Hexham Abbey gets green light from Heritage Fund
The Heritage Lottery Fund (HLF) announced its initial support for a £1.8m bid for the historic Hexham Abbey today.
The news means that plans can now be developed for a major heritage regeneration project which aims to breathe life back into some of the former monastic buildings adjoining the Abbey.
Head of the Heritage Lottery Fund for the North East, Ivor Crowther, says; “Hexham Abbey is one of the North East’s most significant buildings and it has fascinating links with the growth of early Christianity, not just in Northumberland but across the UK. The Heritage Lottery Fund’s initial support means that the Abbey can now develop its plans to help people learn more about the Abbey’s remarkable treasures, and bring the historic buildings around it back into daily use.”
The project has also been awarded £175,000 in devlopment funding to help advance plans for the Abbey that include re-acquiring and refurbishing the Carnaby Building, lost to the Church at the time of the Reformation. Other plans include introducing new education facilities, to help tell the story of the Abbey and its major contribution to the life of Hexham and to the North East’s heritage. HLF support will create more opportunities for local volunteers to get involved with the buildings and collections, through guiding visitors and researching the fascinating artefacts that still remain on site.

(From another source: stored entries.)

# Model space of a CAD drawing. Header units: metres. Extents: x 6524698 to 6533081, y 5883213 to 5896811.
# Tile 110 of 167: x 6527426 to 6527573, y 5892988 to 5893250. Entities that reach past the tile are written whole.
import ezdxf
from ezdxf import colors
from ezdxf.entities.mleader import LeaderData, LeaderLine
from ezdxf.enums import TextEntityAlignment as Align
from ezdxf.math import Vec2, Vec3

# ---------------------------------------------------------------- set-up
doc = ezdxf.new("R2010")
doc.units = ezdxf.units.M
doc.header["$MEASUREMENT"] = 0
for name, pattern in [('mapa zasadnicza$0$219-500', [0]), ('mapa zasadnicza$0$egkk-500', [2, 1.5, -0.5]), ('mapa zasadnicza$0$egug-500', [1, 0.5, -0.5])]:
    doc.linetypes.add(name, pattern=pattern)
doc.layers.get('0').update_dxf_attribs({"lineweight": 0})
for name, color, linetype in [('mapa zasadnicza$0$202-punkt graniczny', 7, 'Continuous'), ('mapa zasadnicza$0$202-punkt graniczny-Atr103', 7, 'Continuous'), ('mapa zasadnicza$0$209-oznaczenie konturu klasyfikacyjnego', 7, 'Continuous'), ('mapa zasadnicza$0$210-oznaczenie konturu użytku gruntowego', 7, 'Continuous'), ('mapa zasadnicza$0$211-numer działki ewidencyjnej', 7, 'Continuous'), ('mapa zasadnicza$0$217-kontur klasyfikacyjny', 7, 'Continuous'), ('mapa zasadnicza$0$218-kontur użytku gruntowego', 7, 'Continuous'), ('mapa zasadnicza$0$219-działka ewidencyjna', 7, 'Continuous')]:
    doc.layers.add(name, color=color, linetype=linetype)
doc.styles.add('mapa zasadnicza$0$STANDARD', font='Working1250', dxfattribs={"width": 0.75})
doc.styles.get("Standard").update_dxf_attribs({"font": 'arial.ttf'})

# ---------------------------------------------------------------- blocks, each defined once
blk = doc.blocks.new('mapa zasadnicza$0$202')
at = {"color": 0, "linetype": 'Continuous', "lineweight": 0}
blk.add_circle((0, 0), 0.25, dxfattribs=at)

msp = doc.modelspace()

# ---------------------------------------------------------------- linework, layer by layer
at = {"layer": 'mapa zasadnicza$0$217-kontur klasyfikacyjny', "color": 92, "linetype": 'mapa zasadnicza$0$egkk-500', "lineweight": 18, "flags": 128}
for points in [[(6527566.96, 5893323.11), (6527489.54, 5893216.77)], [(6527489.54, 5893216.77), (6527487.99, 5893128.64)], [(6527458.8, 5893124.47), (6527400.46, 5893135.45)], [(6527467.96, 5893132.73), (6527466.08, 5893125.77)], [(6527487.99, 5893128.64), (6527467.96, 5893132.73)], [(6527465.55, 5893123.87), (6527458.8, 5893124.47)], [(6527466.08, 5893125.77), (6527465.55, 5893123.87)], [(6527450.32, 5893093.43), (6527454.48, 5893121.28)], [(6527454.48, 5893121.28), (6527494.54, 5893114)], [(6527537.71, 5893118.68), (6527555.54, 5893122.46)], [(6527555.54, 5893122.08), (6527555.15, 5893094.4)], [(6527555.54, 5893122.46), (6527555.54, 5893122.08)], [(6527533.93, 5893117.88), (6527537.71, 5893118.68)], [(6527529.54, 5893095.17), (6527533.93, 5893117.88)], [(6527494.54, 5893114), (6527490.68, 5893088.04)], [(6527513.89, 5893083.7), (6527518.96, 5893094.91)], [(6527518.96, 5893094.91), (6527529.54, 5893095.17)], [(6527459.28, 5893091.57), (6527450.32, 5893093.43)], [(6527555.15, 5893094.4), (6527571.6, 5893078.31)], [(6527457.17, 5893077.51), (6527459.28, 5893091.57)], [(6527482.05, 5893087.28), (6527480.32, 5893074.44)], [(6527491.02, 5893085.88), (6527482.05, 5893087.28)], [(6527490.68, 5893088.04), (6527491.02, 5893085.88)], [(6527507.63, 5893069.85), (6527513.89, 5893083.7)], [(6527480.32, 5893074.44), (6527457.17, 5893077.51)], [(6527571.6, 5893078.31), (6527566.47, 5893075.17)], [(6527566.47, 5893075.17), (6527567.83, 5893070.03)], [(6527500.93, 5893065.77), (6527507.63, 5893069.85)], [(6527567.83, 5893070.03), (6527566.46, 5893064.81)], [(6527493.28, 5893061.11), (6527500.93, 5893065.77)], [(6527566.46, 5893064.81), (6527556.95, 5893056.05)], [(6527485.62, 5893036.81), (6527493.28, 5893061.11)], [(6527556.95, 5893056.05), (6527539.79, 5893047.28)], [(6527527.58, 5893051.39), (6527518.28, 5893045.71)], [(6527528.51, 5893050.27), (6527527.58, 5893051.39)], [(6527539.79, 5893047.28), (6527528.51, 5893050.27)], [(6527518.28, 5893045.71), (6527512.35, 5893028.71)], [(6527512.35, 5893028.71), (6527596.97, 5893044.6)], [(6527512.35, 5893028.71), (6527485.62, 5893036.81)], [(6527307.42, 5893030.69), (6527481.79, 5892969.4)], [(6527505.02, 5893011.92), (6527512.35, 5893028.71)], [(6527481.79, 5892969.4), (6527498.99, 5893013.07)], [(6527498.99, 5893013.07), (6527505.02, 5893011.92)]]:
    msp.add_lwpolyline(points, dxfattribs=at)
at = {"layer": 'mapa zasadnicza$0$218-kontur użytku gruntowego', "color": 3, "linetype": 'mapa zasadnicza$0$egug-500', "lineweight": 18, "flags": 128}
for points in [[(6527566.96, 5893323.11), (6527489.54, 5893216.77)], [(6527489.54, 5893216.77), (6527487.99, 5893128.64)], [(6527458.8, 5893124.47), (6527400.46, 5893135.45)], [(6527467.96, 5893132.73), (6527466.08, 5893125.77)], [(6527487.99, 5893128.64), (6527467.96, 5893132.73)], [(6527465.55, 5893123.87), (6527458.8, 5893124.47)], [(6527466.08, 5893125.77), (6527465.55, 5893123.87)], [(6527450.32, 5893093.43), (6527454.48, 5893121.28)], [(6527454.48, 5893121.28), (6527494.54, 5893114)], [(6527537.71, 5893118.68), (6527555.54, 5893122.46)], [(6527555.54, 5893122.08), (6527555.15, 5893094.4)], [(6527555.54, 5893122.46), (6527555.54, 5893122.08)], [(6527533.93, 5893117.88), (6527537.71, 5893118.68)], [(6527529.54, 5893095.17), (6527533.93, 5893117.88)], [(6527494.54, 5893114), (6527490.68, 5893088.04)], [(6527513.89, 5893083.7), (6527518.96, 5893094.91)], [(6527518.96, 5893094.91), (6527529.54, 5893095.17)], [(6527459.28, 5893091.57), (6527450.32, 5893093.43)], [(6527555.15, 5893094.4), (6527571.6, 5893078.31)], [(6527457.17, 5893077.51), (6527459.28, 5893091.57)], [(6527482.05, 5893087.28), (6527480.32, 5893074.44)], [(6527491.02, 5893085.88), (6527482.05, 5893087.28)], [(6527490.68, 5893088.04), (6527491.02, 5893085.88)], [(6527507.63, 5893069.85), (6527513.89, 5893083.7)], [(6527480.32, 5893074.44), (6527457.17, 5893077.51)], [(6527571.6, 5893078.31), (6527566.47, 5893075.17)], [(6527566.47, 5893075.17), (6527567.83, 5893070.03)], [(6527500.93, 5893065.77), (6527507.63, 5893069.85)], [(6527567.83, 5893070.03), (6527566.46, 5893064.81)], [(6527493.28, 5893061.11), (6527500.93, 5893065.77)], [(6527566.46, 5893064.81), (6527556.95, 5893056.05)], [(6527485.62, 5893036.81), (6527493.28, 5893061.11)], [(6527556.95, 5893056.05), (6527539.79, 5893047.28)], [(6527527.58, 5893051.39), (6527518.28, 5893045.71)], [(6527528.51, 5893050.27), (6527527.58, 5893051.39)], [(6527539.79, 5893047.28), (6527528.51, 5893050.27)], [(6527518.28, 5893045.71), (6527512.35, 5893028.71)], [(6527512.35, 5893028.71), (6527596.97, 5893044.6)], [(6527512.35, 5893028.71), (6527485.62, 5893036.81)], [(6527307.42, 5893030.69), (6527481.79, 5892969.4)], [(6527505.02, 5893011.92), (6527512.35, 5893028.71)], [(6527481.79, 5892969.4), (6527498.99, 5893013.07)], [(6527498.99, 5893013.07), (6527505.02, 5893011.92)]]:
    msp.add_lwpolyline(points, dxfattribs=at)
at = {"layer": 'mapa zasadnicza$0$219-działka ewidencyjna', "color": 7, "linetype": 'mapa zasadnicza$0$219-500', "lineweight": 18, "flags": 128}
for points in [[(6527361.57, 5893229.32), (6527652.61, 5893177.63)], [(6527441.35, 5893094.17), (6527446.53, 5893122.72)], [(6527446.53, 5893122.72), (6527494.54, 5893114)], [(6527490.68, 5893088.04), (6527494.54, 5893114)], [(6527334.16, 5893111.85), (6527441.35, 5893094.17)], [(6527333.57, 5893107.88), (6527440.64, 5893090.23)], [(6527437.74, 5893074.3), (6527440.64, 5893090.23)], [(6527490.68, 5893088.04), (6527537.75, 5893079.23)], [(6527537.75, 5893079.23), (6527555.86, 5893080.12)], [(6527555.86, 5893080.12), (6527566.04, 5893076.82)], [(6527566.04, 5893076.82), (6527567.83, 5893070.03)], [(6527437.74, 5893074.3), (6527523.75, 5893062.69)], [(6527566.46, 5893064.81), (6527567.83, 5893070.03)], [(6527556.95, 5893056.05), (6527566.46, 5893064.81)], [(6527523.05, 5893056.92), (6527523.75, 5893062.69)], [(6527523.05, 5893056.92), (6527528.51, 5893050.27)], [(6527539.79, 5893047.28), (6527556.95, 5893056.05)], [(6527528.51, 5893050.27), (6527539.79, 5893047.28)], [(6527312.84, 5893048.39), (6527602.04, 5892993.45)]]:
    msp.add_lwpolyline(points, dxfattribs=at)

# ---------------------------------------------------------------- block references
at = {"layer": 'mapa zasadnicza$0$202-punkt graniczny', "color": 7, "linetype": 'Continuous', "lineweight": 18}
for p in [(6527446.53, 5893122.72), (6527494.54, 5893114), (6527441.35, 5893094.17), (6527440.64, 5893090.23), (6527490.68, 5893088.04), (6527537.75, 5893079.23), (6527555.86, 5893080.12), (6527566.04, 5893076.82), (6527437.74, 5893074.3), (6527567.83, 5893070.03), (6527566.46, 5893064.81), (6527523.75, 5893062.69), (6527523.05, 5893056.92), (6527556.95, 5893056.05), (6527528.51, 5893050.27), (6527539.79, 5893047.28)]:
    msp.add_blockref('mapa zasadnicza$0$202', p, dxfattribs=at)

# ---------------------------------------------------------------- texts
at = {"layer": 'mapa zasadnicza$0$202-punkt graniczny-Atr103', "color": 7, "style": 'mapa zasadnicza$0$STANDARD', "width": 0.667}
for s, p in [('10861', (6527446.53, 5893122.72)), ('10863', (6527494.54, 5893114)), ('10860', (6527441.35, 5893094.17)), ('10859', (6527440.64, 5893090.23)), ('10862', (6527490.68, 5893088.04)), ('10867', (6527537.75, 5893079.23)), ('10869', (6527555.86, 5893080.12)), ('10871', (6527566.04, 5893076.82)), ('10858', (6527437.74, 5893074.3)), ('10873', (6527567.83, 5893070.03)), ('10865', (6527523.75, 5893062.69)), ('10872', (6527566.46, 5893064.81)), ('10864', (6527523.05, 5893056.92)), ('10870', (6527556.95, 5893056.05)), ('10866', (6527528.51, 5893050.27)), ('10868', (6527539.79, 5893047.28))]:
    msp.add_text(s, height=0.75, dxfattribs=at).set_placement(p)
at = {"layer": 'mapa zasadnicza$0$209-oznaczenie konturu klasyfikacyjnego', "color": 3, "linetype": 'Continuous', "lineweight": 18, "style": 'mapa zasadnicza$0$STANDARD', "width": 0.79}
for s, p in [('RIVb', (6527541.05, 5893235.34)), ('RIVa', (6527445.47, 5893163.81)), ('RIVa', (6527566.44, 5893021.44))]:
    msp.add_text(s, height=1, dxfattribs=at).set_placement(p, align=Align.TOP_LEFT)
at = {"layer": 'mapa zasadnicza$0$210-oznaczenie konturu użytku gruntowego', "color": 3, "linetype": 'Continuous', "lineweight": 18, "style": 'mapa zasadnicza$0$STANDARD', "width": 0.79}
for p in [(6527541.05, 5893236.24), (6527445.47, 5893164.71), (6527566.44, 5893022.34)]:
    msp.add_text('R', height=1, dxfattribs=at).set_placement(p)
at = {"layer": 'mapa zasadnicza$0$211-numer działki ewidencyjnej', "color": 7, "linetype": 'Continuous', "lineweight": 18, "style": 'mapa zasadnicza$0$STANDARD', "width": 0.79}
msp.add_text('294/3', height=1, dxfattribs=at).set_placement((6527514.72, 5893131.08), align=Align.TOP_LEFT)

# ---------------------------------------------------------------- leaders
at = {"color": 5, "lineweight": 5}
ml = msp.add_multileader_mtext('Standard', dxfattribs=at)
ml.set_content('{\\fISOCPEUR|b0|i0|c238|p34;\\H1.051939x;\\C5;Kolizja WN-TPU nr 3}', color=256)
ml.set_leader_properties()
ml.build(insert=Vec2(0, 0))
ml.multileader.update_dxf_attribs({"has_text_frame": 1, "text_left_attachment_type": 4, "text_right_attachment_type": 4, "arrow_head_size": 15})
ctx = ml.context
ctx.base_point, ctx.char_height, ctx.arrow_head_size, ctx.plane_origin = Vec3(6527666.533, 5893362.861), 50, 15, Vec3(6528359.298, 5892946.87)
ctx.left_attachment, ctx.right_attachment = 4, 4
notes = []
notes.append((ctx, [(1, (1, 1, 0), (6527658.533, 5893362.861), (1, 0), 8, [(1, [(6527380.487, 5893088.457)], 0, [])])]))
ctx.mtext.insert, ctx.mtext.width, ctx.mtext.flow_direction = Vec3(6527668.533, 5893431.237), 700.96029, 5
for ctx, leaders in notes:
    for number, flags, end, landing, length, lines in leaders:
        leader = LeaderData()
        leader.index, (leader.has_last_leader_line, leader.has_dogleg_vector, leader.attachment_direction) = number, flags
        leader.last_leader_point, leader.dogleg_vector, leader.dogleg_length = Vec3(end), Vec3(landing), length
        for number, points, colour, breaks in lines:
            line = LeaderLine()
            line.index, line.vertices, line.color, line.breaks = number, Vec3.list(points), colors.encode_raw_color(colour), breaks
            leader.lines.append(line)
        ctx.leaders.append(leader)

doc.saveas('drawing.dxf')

Hexham Abbey, originally founded by St Wilfrid during Saxon Times (c 674 AD), has provided local people with a stunning place of worship for more than 1300 years. The building is of national historical importance and houses some fascinating collections of rare Saxon and Roman stone artefacts and medieval paintings.
Canon Graham Usher, speaking on behalf of Hexham Abbey, says, “I am delighted that the Hexham Abbey Project has captured the imagination of the Heritage Lottery Fund. The community at Hexham Abbey is most grateful to the Trustees for this initial support. If successful at second-round, the project will enable the Abbey to restore significant medieval buildings, but it will also open up a greater understanding of the unique history of this site, and make an important economic contribution to this Northumbrian market town.”
*A first-round pass is an endorsement of outline proposals, and now the project now has up to two years to submit fully developed proposals to compete for a firm award.